Il est vrai que le Dinamo est avant tout la vitrine de l'équipe nationale de Lettonie. Une fois de plus, il n'aligne que des défenseurs baltes, et teste donc le niveau du pays dans ce secteur sensible. Les deux seuls arrières internationaux qui n'évoluaient pas déjà en KHL, Arvids Rekis (Wolfsburg, Allemagne) et Janis Andersons (Trinec, République Tchèque), ont ainsi été rapatriés.

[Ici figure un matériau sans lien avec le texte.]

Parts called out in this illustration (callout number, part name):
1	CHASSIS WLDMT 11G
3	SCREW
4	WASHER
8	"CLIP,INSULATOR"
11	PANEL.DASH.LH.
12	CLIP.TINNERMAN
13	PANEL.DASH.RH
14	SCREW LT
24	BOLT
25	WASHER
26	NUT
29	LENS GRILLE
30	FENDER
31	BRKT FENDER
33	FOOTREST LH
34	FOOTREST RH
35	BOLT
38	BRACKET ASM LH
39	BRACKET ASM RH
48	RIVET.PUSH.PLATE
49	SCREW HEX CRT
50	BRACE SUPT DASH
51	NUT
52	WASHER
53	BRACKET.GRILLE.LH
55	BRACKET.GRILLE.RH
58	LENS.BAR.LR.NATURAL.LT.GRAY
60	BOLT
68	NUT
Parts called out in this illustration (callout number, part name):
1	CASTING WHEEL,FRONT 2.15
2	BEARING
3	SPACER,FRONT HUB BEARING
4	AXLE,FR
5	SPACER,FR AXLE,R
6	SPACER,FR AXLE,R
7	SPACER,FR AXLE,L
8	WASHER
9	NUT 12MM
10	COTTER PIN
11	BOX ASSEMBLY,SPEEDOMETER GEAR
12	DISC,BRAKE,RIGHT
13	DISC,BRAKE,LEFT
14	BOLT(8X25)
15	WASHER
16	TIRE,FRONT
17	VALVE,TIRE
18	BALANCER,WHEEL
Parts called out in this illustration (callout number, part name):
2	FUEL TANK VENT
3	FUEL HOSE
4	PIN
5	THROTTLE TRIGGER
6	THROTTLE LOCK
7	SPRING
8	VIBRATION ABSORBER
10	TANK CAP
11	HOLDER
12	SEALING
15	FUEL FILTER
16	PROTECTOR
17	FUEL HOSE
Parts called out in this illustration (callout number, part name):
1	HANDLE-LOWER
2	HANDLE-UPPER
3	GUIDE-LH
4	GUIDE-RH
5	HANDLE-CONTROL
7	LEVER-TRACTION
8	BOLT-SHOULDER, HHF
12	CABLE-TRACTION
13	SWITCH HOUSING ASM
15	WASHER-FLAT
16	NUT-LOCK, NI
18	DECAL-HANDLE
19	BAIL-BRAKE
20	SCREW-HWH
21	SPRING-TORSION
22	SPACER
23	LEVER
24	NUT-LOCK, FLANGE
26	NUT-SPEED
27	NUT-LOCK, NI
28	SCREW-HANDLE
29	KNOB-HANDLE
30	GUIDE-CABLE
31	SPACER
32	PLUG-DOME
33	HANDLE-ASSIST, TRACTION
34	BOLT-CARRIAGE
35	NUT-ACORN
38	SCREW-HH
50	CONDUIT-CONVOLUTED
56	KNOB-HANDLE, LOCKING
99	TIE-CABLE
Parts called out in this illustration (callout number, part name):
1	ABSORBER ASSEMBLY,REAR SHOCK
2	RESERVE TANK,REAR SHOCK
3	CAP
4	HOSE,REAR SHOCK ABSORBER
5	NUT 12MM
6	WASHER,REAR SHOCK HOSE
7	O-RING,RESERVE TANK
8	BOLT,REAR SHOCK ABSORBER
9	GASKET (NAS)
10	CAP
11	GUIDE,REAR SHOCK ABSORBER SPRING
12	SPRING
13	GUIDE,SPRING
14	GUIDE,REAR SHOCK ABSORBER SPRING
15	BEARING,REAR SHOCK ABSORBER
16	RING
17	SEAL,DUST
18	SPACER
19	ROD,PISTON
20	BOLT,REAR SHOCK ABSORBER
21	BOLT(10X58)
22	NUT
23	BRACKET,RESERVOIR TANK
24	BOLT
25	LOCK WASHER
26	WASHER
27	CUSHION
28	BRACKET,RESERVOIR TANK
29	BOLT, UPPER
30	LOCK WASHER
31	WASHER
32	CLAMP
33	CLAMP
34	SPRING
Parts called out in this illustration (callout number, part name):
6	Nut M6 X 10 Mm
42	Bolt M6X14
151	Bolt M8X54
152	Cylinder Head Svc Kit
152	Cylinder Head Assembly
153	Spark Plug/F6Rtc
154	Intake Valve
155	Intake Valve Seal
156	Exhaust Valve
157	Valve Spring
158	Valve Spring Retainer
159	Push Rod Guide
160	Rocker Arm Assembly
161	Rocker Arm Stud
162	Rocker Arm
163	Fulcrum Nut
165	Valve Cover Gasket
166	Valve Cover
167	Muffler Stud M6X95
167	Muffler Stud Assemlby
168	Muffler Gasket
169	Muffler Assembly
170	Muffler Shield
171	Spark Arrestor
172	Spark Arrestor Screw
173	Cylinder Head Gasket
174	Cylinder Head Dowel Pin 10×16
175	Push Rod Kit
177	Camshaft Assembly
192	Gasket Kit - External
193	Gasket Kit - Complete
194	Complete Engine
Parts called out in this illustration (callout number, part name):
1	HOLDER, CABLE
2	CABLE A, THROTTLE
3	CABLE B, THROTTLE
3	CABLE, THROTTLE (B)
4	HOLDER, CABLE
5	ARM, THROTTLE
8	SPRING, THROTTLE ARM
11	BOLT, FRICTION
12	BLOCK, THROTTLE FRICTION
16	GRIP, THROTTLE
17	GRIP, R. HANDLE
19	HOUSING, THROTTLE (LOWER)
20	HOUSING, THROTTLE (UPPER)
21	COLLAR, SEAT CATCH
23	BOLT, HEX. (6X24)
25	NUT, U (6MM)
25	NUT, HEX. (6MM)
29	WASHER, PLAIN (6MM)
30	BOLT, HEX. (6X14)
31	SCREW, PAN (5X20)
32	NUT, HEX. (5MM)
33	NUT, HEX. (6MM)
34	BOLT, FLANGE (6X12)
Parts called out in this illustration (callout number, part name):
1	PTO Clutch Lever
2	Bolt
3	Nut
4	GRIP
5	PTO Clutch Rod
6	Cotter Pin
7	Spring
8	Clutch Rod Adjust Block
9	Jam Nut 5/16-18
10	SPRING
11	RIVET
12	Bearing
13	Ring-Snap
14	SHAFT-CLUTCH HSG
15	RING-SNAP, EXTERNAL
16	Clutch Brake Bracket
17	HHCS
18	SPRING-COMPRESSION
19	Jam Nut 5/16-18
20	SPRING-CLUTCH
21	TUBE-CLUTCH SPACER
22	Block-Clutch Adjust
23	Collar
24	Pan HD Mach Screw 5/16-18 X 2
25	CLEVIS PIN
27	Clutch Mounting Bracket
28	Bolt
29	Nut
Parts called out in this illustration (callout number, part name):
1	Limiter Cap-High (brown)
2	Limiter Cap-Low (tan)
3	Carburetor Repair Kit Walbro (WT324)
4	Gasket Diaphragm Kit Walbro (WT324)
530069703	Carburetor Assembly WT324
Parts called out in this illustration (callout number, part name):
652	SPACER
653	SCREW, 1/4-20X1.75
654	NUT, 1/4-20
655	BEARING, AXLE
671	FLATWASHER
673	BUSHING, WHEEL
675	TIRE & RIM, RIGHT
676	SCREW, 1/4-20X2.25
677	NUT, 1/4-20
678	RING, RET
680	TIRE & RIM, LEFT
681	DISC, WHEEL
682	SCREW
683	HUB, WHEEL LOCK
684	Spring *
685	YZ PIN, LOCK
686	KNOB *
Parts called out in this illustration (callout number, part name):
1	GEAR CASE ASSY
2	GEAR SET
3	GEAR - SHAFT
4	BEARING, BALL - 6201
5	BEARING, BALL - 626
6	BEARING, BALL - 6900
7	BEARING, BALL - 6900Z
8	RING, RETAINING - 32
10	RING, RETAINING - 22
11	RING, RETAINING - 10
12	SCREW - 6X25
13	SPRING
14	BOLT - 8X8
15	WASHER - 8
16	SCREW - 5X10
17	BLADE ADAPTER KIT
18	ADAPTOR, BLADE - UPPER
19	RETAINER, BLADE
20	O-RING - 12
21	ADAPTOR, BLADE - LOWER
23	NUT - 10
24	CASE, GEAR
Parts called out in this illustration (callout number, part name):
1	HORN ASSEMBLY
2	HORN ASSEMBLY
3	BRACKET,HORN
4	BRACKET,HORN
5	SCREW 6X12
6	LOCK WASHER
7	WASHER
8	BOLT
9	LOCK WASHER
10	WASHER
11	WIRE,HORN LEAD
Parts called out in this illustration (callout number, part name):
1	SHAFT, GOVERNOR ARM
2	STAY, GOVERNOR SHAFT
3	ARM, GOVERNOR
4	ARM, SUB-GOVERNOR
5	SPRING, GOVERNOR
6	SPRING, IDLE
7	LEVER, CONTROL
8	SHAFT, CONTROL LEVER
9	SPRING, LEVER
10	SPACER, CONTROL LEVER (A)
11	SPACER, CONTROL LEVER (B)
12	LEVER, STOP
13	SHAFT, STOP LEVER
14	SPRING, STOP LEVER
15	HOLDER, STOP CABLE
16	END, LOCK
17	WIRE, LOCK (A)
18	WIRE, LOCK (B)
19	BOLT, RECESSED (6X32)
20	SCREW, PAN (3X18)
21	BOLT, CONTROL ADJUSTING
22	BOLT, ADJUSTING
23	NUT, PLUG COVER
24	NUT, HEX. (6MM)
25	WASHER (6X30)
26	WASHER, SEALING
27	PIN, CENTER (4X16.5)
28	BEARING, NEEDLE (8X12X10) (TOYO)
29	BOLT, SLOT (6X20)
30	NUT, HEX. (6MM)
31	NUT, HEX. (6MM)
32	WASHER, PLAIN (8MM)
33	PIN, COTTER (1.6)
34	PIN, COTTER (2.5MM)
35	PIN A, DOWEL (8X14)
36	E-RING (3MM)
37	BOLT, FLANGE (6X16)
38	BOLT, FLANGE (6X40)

Mais il reste un écueil à ce regroupement national : la surenchère des clubs russes. Cette année, c'est le gardien Edgars Masalskis qui s'est vu proposer un salaire doublé par le promu en KHL, Khanty-Mansiysk. Or, on sait bien que les Lettons considèrent n'avoir qu'un seul portier valable dans le pays. Faute de Masalskis, ils ont donc engagé... deux gardiens étrangers, le petit Suédois Mikael Tellqvist et le grand Américain Chris Holt.

En attaque, si la ligne Ankipans-Sprukts-Karsums reste intacte, les autres lignes ont braucoup évolué. Tomas Surovy tentera de faire oublier un autre international slovaque, Marcel Hossa. Le Canadien Mark Hartigan, lui, n'a pas été oublié. Les supporters avaient regretté son départ décidé par la direction, et il revient après un an au CSKA. Il pourra faire découvrir Riga à un compatriote, Brock Trotter, septième marqueur des derniers play-offs d'AHL mais apparu seulement deux fois sous le maillot des Canadiens de Montréal. Le petit ailier devrait pouvoir s'insérer dans le jeu letton avec son énergie physique et sa capacité à garder le palet. Mais la plus grande surprise est l'invitation faite à deux Russes de rejoindre le camp d'été. L'un d'eux, Vitali Karamnov, formé au Dynamo... de Moscou, a été gardé comme centre de la quatrième ligne.

Manière de prouver à certains Russes voulant alimenter les tensions politiques que les Lettons ne leur vouent aucune inimitié particulière. La fervente ambiance de l'Arena Riga est d'ailleurs considérée par les joueurs visiteurs comme la plus sympathique de KHL.